# Just buying property in Gran Canaria



## barryandjohn (Apr 21, 2013)

Any advice on transferring our money to Spain and where to get the best rates


----------



## redshoes (Jan 1, 2013)

Bring it in a suitcase and keep it under your bed! Just kidding! The money crisis in the EU has given me the jitters. I would like an answer to that question too. 
Slightly off track, but, I was listening to a BBC podcast 'Moneybox'. They were talking about how a new scam in England is defrauding homebuyers. Apparently when contracts have been signed etc. and the buyers solicitor organizes transfer of the money to the sellers solicitors, some crooks have set up fraudulent solicitors offices, and the money can just disappear.
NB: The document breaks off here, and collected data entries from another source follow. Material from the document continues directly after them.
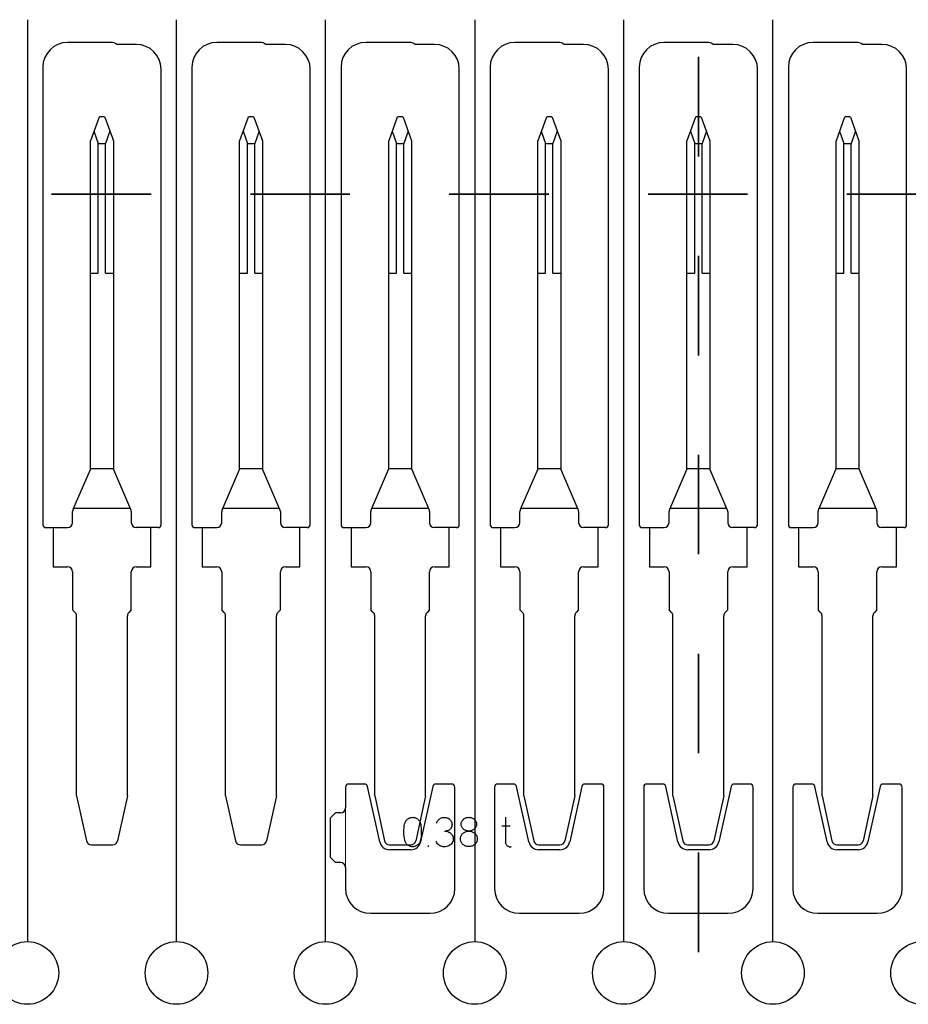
# Model space of a CAD drawing. Header units: inches. Extents: x 1880 to 2363, y -453 to -54.
# Tile 594 of 656: x 1910.145 to 1911.039, y -67.893 to -66.903. Entities that reach past the tile are written whole.
import ezdxf

# ---------------------------------------------------------------- set-up
doc = ezdxf.new("R2010")
doc.units = ezdxf.units.IN
doc.header["$LTSCALE"] = 0.5
doc.header["$MEASUREMENT"] = 0
doc.linetypes.add('HIDDEN', pattern=[0.225, 0.15, -0.075])
doc.linetypes.add('PHANTOM', pattern=[0.25, 0.125, -0.025, 0.025, -0.025, 0.025, -0.025])
doc.layers.add('APP-M-S', color=30, linetype='Continuous')
doc.layers.add('PUN-M-S2', color=1, linetype='Continuous')

msp = doc.modelspace()

# ---------------------------------------------------------------- linework, layer by layer
at = {"color": 7, "linetype": 'PHANTOM', "lineweight": 35}
for p, q in [((1910.82824, -65.94007), (1910.82824, -68.79207)), ((1914.67764, -67.07812), (1902.36134, -67.07812))]:
    msp.add_line(p, q, dxfattribs=at)
at = {"color": 7, "linetype": 'Continuous'}
for p, q in [((1910.53568, -67.70635), (1910.53624, -67.70593)), ((1910.53624, -67.70593), (1910.53684, -67.70557)), ((1910.53684, -67.70557), (1910.53747, -67.70526)), ((1910.53747, -67.70526), (1910.53814, -67.705)), ((1910.53814, -67.705), (1910.53883, -67.70479)), ((1910.53883, -67.70479), (1910.53954, -67.70465)), ((1910.53954, -67.70465), (1910.54026, -67.70457)), ((1910.54026, -67.70457), (1910.541, -67.70456)), ((1910.541, -67.70456), (1910.54174, -67.70461)), ((1910.54174, -67.70461), (1910.54245, -67.70473)), ((1910.54245, -67.70473), (1910.54315, -67.7049)), ((1910.54315, -67.7049), (1910.54382, -67.70514)), ((1910.54382, -67.70514), (1910.54446, -67.70543)), ((1910.54446, -67.70543), (1910.54507, -67.70578)), ((1910.54507, -67.70578), (1910.54565, -67.70617)), ((1910.56743, -67.70641), (1910.56807, -67.70594)), ((1910.56807, -67.70594), (1910.56876, -67.70555)), ((1910.56876, -67.70555), (1910.5697, -67.70513)), ((1910.5697, -67.70513), (1910.57067, -67.70484)), ((1910.57067, -67.70484), (1910.57165, -67.70466)), ((1910.57165, -67.70466), (1910.57266, -67.7046)), ((1910.57266, -67.7046), (1910.57367, -67.70466)), ((1910.57367, -67.70466), (1910.57465, -67.70484)), ((1910.57465, -67.70484), (1910.57562, -67.70513)), ((1910.57562, -67.70513), (1910.57656, -67.70555)), ((1910.57656, -67.70555), (1910.57738, -67.70603)), ((1910.57738, -67.70603), (1910.57812, -67.70661)), ((1910.59235, -67.70614), (1910.59295, -67.70574)), ((1910.59295, -67.70574), (1910.59359, -67.70539)), ((1910.59359, -67.70539), (1910.59428, -67.7051)), ((1910.59428, -67.7051), (1910.595, -67.70486)), ((1910.595, -67.70486), (1910.59576, -67.70469)), ((1910.59576, -67.70469), (1910.59653, -67.70459)), ((1910.59653, -67.70459), (1910.59733, -67.70456)), ((1910.59733, -67.70456), (1910.59812, -67.70459)), ((1910.59812, -67.70459), (1910.5989, -67.70469)), ((1910.5989, -67.70469), (1910.59963, -67.70486)), ((1910.59963, -67.70486), (1910.60035, -67.7051)), ((1910.60035, -67.7051), (1910.60104, -67.70539)), ((1910.60104, -67.70539), (1910.60167, -67.70574)), ((1910.60167, -67.70574), (1910.60226, -67.70614)), ((1910.63404, -67.7044), (1910.63404, -67.72917)), ((1910.53203, -67.71724), (1910.53217, -67.71519)), ((1910.53217, -67.71519), (1910.53241, -67.71313)), ((1910.53241, -67.71313), (1910.53275, -67.71107)), ((1910.53275, -67.71107), (1910.53292, -67.71036)), ((1910.53292, -67.71036), (1910.53316, -67.70968)), ((1910.53316, -67.70968), (1910.53346, -67.70904)), ((1910.53346, -67.70904), (1910.53381, -67.70842)), ((1910.53381, -67.70842), (1910.53421, -67.70784)), ((1910.53421, -67.70784), (1910.53466, -67.7073)), ((1910.53466, -67.7073), (1910.53515, -67.7068)), ((1910.53515, -67.7068), (1910.53568, -67.70635)), ((1910.54565, -67.70617), (1910.54618, -67.70661)), ((1910.54618, -67.70661), (1910.54668, -67.7071)), ((1910.54668, -67.7071), (1910.54713, -67.70763)), ((1910.54713, -67.70763), (1910.54755, -67.7082)), ((1910.54755, -67.7082), (1910.54792, -67.70881)), ((1910.54792, -67.70881), (1910.54824, -67.70945)), ((1910.54824, -67.70945), (1910.54851, -67.71012)), ((1910.54851, -67.71012), (1910.54872, -67.71081)), ((1910.54872, -67.71081), (1910.54887, -67.71152)), ((1910.54887, -67.71152), (1910.54916, -67.71352)), ((1910.54916, -67.71352), (1910.54937, -67.71552)), ((1910.54937, -67.71552), (1910.54948, -67.71752)), ((1910.56499, -67.7104), (1910.5652, -67.70964)), ((1910.5652, -67.70964), (1910.56549, -67.7089)), ((1910.56549, -67.7089), (1910.56586, -67.7082)), ((1910.56586, -67.7082), (1910.56632, -67.70754)), ((1910.56632, -67.70754), (1910.56684, -67.70694)), ((1910.56684, -67.70694), (1910.56743, -67.70641)), ((1910.57812, -67.70661), (1910.57877, -67.70729)), ((1910.57877, -67.70729), (1910.57933, -67.70806)), ((1910.57933, -67.71531), (1910.57877, -67.71608)), ((1910.57933, -67.70806), (1910.57979, -67.7089)), ((1910.57979, -67.71447), (1910.57933, -67.71531)), ((1910.57979, -67.7089), (1910.58012, -67.70979)), ((1910.58012, -67.71359), (1910.57979, -67.71447)), ((1910.58012, -67.70979), (1910.58033, -67.71072)), ((1910.58033, -67.71266), (1910.58012, -67.71359)), ((1910.58033, -67.71072), (1910.58041, -67.71169)), ((1910.58041, -67.71169), (1910.58033, -67.71266)), ((1910.58949, -67.71148), (1910.58954, -67.71079)), ((1910.58954, -67.7122), (1910.58949, -67.71148)), ((1910.58954, -67.71079), (1910.58965, -67.71011)), ((1910.58965, -67.71289), (1910.58954, -67.7122)), ((1910.58965, -67.71011), (1910.58985, -67.70945)), ((1910.58985, -67.71356), (1910.58965, -67.71289)), ((1910.58985, -67.70945), (1910.59012, -67.70881)), ((1910.59012, -67.7142), (1910.58985, -67.71356)), ((1910.59012, -67.70881), (1910.59046, -67.7082)), ((1910.59046, -67.71481), (1910.59012, -67.7142)), ((1910.59046, -67.7082), (1910.59085, -67.70762)), ((1910.59085, -67.71537), (1910.59046, -67.71481)), ((1910.59085, -67.70762), (1910.5913, -67.70709)), ((1910.5913, -67.71591), (1910.59085, -67.71537)), ((1910.5913, -67.70709), (1910.5918, -67.70659)), ((1910.5918, -67.71639), (1910.5913, -67.71591)), ((1910.5918, -67.70659), (1910.59235, -67.70614)), ((1910.60226, -67.70614), (1910.60282, -67.70659)), ((1910.60282, -67.70659), (1910.60332, -67.70709)), ((1910.60332, -67.71591), (1910.60282, -67.71639)), ((1910.60332, -67.70709), (1910.60377, -67.70762)), ((1910.60377, -67.71537), (1910.60332, -67.71591)), ((1910.60377, -67.70762), (1910.60416, -67.7082)), ((1910.60416, -67.71481), (1910.60377, -67.71537)), ((1910.60416, -67.7082), (1910.60449, -67.70881)), ((1910.60449, -67.7142), (1910.60416, -67.71481)), ((1910.60449, -67.70881), (1910.60477, -67.70945)), ((1910.60477, -67.71356), (1910.60449, -67.7142)), ((1910.60477, -67.70945), (1910.60496, -67.71011)), ((1910.60496, -67.71289), (1910.60477, -67.71356)), ((1910.60496, -67.71011), (1910.60508, -67.71079)), ((1910.60508, -67.7122), (1910.60496, -67.71289)), ((1910.60508, -67.71079), (1910.60512, -67.71148)), ((1910.60512, -67.71148), (1910.60508, -67.7122)), ((1910.63048, -67.71314), (1910.63881, -67.71314)), ((1910.53199, -67.7193), (1910.53203, -67.71724)), ((1910.53206, -67.72136), (1910.53199, -67.7193)), ((1910.53223, -67.72341), (1910.53206, -67.72136)), ((1910.5325, -67.72547), (1910.53223, -67.72341)), ((1910.53288, -67.72752), (1910.5325, -67.72547)), ((1910.54898, -67.72549), (1910.54863, -67.72748)), ((1910.54924, -67.7235), (1910.54898, -67.72549)), ((1910.54942, -67.72151), (1910.54924, -67.7235)), ((1910.54949, -67.71951), (1910.54942, -67.72151)), ((1910.54948, -67.71752), (1910.54949, -67.71951)), ((1910.57283, -67.71832), (1910.57399, -67.71838)), ((1910.57399, -67.71838), (1910.57512, -67.71859)), ((1910.57484, -67.71831), (1910.57424, -67.7184)), ((1910.57541, -67.7182), (1910.57484, -67.71831)), ((1910.57512, -67.71859), (1910.5762, -67.71892)), ((1910.57598, -67.71804), (1910.57541, -67.7182)), ((1910.57656, -67.71782), (1910.57598, -67.71804)), ((1910.5762, -67.71892), (1910.57726, -67.7194)), ((1910.57738, -67.71733), (1910.57656, -67.71782)), ((1910.57726, -67.7194), (1910.57824, -67.71998)), ((1910.57812, -67.71676), (1910.57738, -67.71733)), ((1910.57877, -67.71608), (1910.57812, -67.71676)), ((1910.57824, -67.71998), (1910.5791, -67.72066)), ((1910.5791, -67.72066), (1910.57985, -67.72144)), ((1910.57985, -67.72144), (1910.58049, -67.7223)), ((1910.58049, -67.7223), (1910.58102, -67.72326)), ((1910.58102, -67.72326), (1910.5814, -67.72423)), ((1910.5814, -67.72423), (1910.58162, -67.72522)), ((1910.58162, -67.72522), (1910.58169, -67.72623)), ((1910.58879, -67.72623), (1910.58884, -67.72543)), ((1910.58884, -67.72543), (1910.58896, -67.72467)), ((1910.58896, -67.72467), (1910.58916, -67.72392)), ((1910.58916, -67.72392), (1910.58945, -67.72319)), ((1910.58945, -67.72319), (1910.58982, -67.7225)), ((1910.58982, -67.7225), (1910.59024, -67.72185)), ((1910.59024, -67.72185), (1910.59073, -67.72126)), ((1910.59073, -67.72126), (1910.59128, -67.7207)), ((1910.59128, -67.7207), (1910.59188, -67.7202)), ((1910.59235, -67.71683), (1910.5918, -67.71639)), ((1910.59188, -67.7202), (1910.59253, -67.71975)), ((1910.59295, -67.71723), (1910.59235, -67.71683)), ((1910.59253, -67.71975), (1910.59324, -67.71936)), ((1910.59359, -67.71757), (1910.59295, -67.71723)), ((1910.59324, -67.71936), (1910.59399, -67.71902)), ((1910.59428, -67.71786), (1910.59359, -67.71757)), ((1910.59399, -67.71902), (1910.59478, -67.71875)), ((1910.595, -67.7181), (1910.59428, -67.71786)), ((1910.59478, -67.71875), (1910.5956, -67.71856)), ((1910.59576, -67.71826), (1910.595, -67.7181)), ((1910.5956, -67.71856), (1910.59645, -67.71844)), ((1910.59653, -67.71837), (1910.59576, -67.71826)), ((1910.59645, -67.71844), (1910.59733, -67.7184)), ((1910.59733, -67.7184), (1910.59653, -67.71837)), ((1910.59812, -67.71837), (1910.59733, -67.7184)), ((1910.59733, -67.7184), (1910.59821, -67.71844)), ((1910.5989, -67.71826), (1910.59812, -67.71837)), ((1910.59821, -67.71844), (1910.59906, -67.71856)), ((1910.59963, -67.7181), (1910.5989, -67.71826)), ((1910.59906, -67.71856), (1910.59987, -67.71875)), ((1910.60035, -67.71786), (1910.59963, -67.7181)), ((1910.59987, -67.71875), (1910.60066, -67.71902)), ((1910.60104, -67.71757), (1910.60035, -67.71786)), ((1910.60066, -67.71902), (1910.60141, -67.71936)), ((1910.60167, -67.71723), (1910.60104, -67.71757)), ((1910.60141, -67.71936), (1910.60212, -67.71975)), ((1910.60226, -67.71683), (1910.60167, -67.71723)), ((1910.60212, -67.71975), (1910.60277, -67.7202)), ((1910.60282, -67.71639), (1910.60226, -67.71683)), ((1910.60277, -67.7202), (1910.60338, -67.7207)), ((1910.60338, -67.7207), (1910.60393, -67.72126)), ((1910.60393, -67.72126), (1910.60442, -67.72185)), ((1910.60442, -67.72185), (1910.60484, -67.7225)), ((1910.60484, -67.7225), (1910.6052, -67.72319)), ((1910.6052, -67.72319), (1910.6055, -67.72392)), ((1910.6055, -67.72392), (1910.6057, -67.72467)), ((1910.6057, -67.72467), (1910.60583, -67.72543)), ((1910.60583, -67.72543), (1910.60587, -67.72623)), ((1910.53303, -67.72823), (1910.53288, -67.72752)), ((1910.53324, -67.72891), (1910.53303, -67.72823)), ((1910.53351, -67.72955), (1910.53324, -67.72891)), ((1910.53383, -67.73017), (1910.53351, -67.72955)), ((1910.53421, -67.73075), (1910.53383, -67.73017)), ((1910.53463, -67.73129), (1910.53421, -67.73075)), ((1910.53509, -67.73179), (1910.53463, -67.73129)), ((1910.53559, -67.73226), (1910.53509, -67.73179)), ((1910.53614, -67.73268), (1910.53559, -67.73226)), ((1910.53671, -67.73305), (1910.53614, -67.73268)), ((1910.53732, -67.73338), (1910.53671, -67.73305)), ((1910.53797, -67.73365), (1910.53732, -67.73338)), ((1910.53864, -67.73387), (1910.53797, -67.73365)), ((1910.53933, -67.73402), (1910.53864, -67.73387)), ((1910.54003, -67.73412), (1910.53933, -67.73402)), ((1910.54075, -67.73415), (1910.54003, -67.73412)), ((1910.54147, -67.73412), (1910.54075, -67.73415)), ((1910.54217, -67.73402), (1910.54147, -67.73412)), ((1910.54285, -67.73387), (1910.54217, -67.73402)), ((1910.54352, -67.73365), (1910.54285, -67.73387)), ((1910.54417, -67.73338), (1910.54352, -67.73365)), ((1910.54479, -67.73305), (1910.54417, -67.73338)), ((1910.54536, -67.73268), (1910.54479, -67.73305)), ((1910.54591, -67.73226), (1910.54536, -67.73268)), ((1910.54641, -67.73179), (1910.54591, -67.73226)), ((1910.54687, -67.73129), (1910.54641, -67.73179)), ((1910.54729, -67.73075), (1910.54687, -67.73129)), ((1910.54767, -67.73017), (1910.54729, -67.73075)), ((1910.54799, -67.72955), (1910.54767, -67.73017)), ((1910.54826, -67.72891), (1910.54799, -67.72955)), ((1910.54847, -67.72823), (1910.54826, -67.72891)), ((1910.54862, -67.72752), (1910.54847, -67.72823)), ((1910.5569, -67.73415), (1910.5569, -67.73286)), ((1910.56467, -67.72934), (1910.56429, -67.72839)), ((1910.56516, -67.73021), (1910.56467, -67.72934)), ((1910.5658, -67.73108), (1910.56516, -67.73021)), ((1910.56654, -67.73185), (1910.5658, -67.73108)), ((1910.56741, -67.73253), (1910.56654, -67.73185)), ((1910.56839, -67.73311), (1910.56741, -67.73253)), ((1910.56943, -67.73357), (1910.56839, -67.73311)), ((1910.57052, -67.73389), (1910.56943, -67.73357)), ((1910.57165, -67.73408), (1910.57052, -67.73389)), ((1910.57283, -67.73415), (1910.57165, -67.73408)), ((1910.574, -67.73408), (1910.57283, -67.73415)), ((1910.57514, -67.73389), (1910.574, -67.73408)), ((1910.57622, -67.73357), (1910.57514, -67.73389)), ((1910.57726, -67.73311), (1910.57622, -67.73357)), ((1910.57824, -67.73253), (1910.57726, -67.73311)), ((1910.5791, -67.73185), (1910.57824, -67.73253)), ((1910.57985, -67.73108), (1910.5791, -67.73185)), ((1910.58049, -67.73021), (1910.57985, -67.73108)), ((1910.58102, -67.72925), (1910.58049, -67.73021)), ((1910.5814, -67.72826), (1910.58102, -67.72925)), ((1910.58162, -67.72726), (1910.5814, -67.72826)), ((1910.58169, -67.72623), (1910.58162, -67.72726)), ((1910.58884, -67.72703), (1910.58879, -67.72623)), ((1910.58896, -67.7278), (1910.58884, -67.72703)), ((1910.58916, -67.72856), (1910.58896, -67.7278)), ((1910.58945, -67.72928), (1910.58916, -67.72856)), ((1910.58982, -67.72997), (1910.58945, -67.72928)), ((1910.59024, -67.73061), (1910.58982, -67.72997)), ((1910.59073, -67.73121), (1910.59024, -67.73061)), ((1910.59128, -67.73176), (1910.59073, -67.73121)), ((1910.59188, -67.73226), (1910.59128, -67.73176)), ((1910.59253, -67.73271), (1910.59188, -67.73226)), ((1910.59324, -67.7331), (1910.59253, -67.73271)), ((1910.59399, -67.73343), (1910.59324, -67.7331)), ((1910.59478, -67.73369), (1910.59399, -67.73343)), ((1910.5956, -67.73388), (1910.59478, -67.73369)), ((1910.59645, -67.73399), (1910.5956, -67.73388)), ((1910.59733, -67.73402), (1910.59645, -67.73399)), ((1910.59821, -67.73399), (1910.59733, -67.73402)), ((1910.59906, -67.73388), (1910.59821, -67.73399)), ((1910.59987, -67.73369), (1910.59906, -67.73388)), ((1910.60066, -67.73343), (1910.59987, -67.73369)), ((1910.60141, -67.7331), (1910.60066, -67.73343)), ((1910.60212, -67.73271), (1910.60141, -67.7331)), ((1910.60277, -67.73226), (1910.60212, -67.73271)), ((1910.60338, -67.73176), (1910.60277, -67.73226)), ((1910.60393, -67.73121), (1910.60338, -67.73176)), ((1910.60442, -67.73061), (1910.60393, -67.73121)), ((1910.60484, -67.72997), (1910.60442, -67.73061)), ((1910.6052, -67.72928), (1910.60484, -67.72997)), ((1910.6055, -67.72856), (1910.6052, -67.72928)), ((1910.6057, -67.7278), (1910.6055, -67.72856)), ((1910.60583, -67.72703), (1910.6057, -67.7278)), ((1910.60586, -67.72623), (1910.60583, -67.72703)), ((1910.63404, -67.72917), (1910.63407, -67.72975)), ((1910.63407, -67.72975), (1910.63417, -67.73031)), ((1910.63417, -67.73031), (1910.63433, -67.73085)), ((1910.63433, -67.73085), (1910.63454, -67.73138)), ((1910.63454, -67.73138), (1910.63482, -67.73187)), ((1910.63482, -67.73187), (1910.63515, -67.73232)), ((1910.63515, -67.73232), (1910.63554, -67.73274)), ((1910.63554, -67.73274), (1910.63599, -67.73311)), ((1910.63599, -67.73311), (1910.63646, -67.73344)), ((1910.63646, -67.73344), (1910.63696, -67.7337)), ((1910.63696, -67.7337), (1910.63747, -67.73391)), ((1910.63747, -67.73391), (1910.63802, -67.73407)), ((1910.63802, -67.73407), (1910.63858, -67.73416)), ((1910.63858, -67.73416), (1910.63915, -67.73418)), ((1910.63915, -67.73418), (1910.63972, -67.73413)), ((1910.63972, -67.73413), (1910.6403, -67.73402))]:
    msp.add_line(p, q, dxfattribs=at)
at = {"layer": 'APP-M-S', "linetype": 'Continuous', "lineweight": 25}
for p, q in [((1910.15324, -66.90257), (1910.15324, -67.82957)), ((1910.30324, -67.82957), (1910.30324, -66.90257)), ((1910.45324, -67.82957), (1910.45324, -66.90257)), ((1910.60324, -66.90257), (1910.60324, -67.82957)), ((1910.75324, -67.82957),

They talked about the fact that it is very important to know the account number where the money is going to protect yourself. Don't mean to worry you but 'forwarned is forarmed'.


----------



## AlexBramwell (Sep 24, 2012)

Use a reputable UK currency broker and transfer the money to your Spanish account.


----------



## 90199 (Mar 21, 2010)

I use this firm Foreign Money & Currency Exchange Services, Euro Exchange, UK Currency Converter :: SmartCurrencyExchange.com

Very reliable, over 3000 GBP no charges


----------



## Sandraw719 (Jul 19, 2013)

We used Lloyds bank international and the rate is not too bad.


----------